=== Data for this task ===

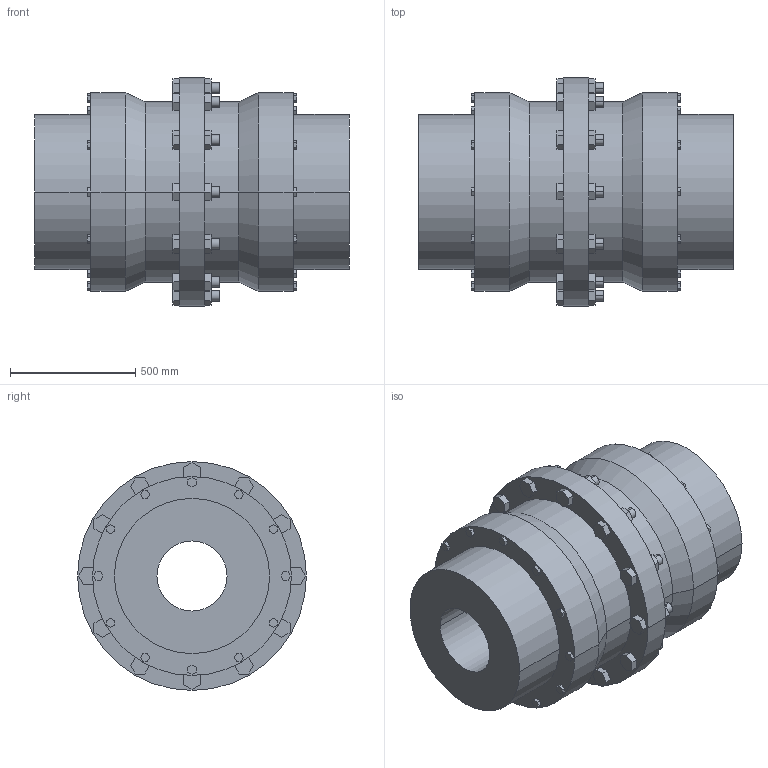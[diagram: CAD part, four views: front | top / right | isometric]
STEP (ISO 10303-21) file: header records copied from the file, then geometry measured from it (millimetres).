
FILE_DESCRIPTION((''),'2;1');
FILE_NAME('A19716800-0_ASM','2019-05-23T',('AB_Roschiwal'),('RENK AG'),'PRO/ENGINEER BY PARAMETRIC TECHNOLOGY CORPORATION, 2015440','PRO/ENGINEER BY PARAMETRIC TECHNOLOGY CORPORATION, 2015440','');
FILE_SCHEMA(('CONFIG_CONTROL_DESIGN'));
Length unit declared in the file: millimetre
Products named in the file (3): SBK375_GEHAEUSE; SBK375_NABE; A19716800-0_ASM
Assembly tree (3 placements, depth 2):
  A19716800-0_ASM
    SBK375_GEHAEUSE
    SBK375_NABE  x2
Bounding box: 1257 x 915 x 915 mm (x, y, z)
Volume: 330457688 mm3; surface area: 8291497.4 mm2
Topology: 3 solids, 3 shells, 422 faces, 1036 edges, 688 vertices
Faces by surface type: plane 362, cylinder 56, cone 4
Entity records: 12052 total; most frequent: CARTESIAN_POINT 2100, ORIENTED_EDGE 2024, DIRECTION 1940, EDGE_CURVE 1012, VECTOR 916, LINE 916, VERTEX_POINT 672, AXIS2_PLACEMENT_3D 512

===

**Activity:** Give back exactly the lines that run from the line with "STEP (ISO 10303-21)" through the close of the material, counting both ends, and nothing more.

**Answer section:**
STEP (ISO 10303-21) file: header records copied from the file, then geometry measured from it (millimetres).
FILE_DESCRIPTION((''),'2;1');
FILE_NAME('A19716800-0_ASM','2019-05-23T',('AB_Roschiwal'),('RENK AG'),'PRO/ENGINEER BY PARAMETRIC TECHNOLOGY CORPORATION, 2015440','PRO/ENGINEER BY PARAMETRIC TECHNOLOGY CORPORATION, 2015440','');
FILE_SCHEMA(('CONFIG_CONTROL_DESIGN'));
Length unit declared in the file: millimetre
Products named in the file (3): SBK375_GEHAEUSE; SBK375_NABE; A19716800-0_ASM
Assembly tree (3 placements, depth 2):
  A19716800-0_ASM
    SBK375_GEHAEUSE
    SBK375_NABE  x2
Bounding box: 1257 x 915 x 915 mm (x, y, z)
Volume: 330457688 mm3; surface area: 8291497.4 mm2
Topology: 3 solids, 3 shells, 422 faces, 1036 edges, 688 vertices
Faces by surface type: plane 362, cylinder 56, cone 4
Entity records: 12052 total; most frequent: CARTESIAN_POINT 2100, ORIENTED_EDGE 2024, DIRECTION 1940, EDGE_CURVE 1012, VECTOR 916, LINE 916, VERTEX_POINT 672, AXIS2_PLACEMENT_3D 512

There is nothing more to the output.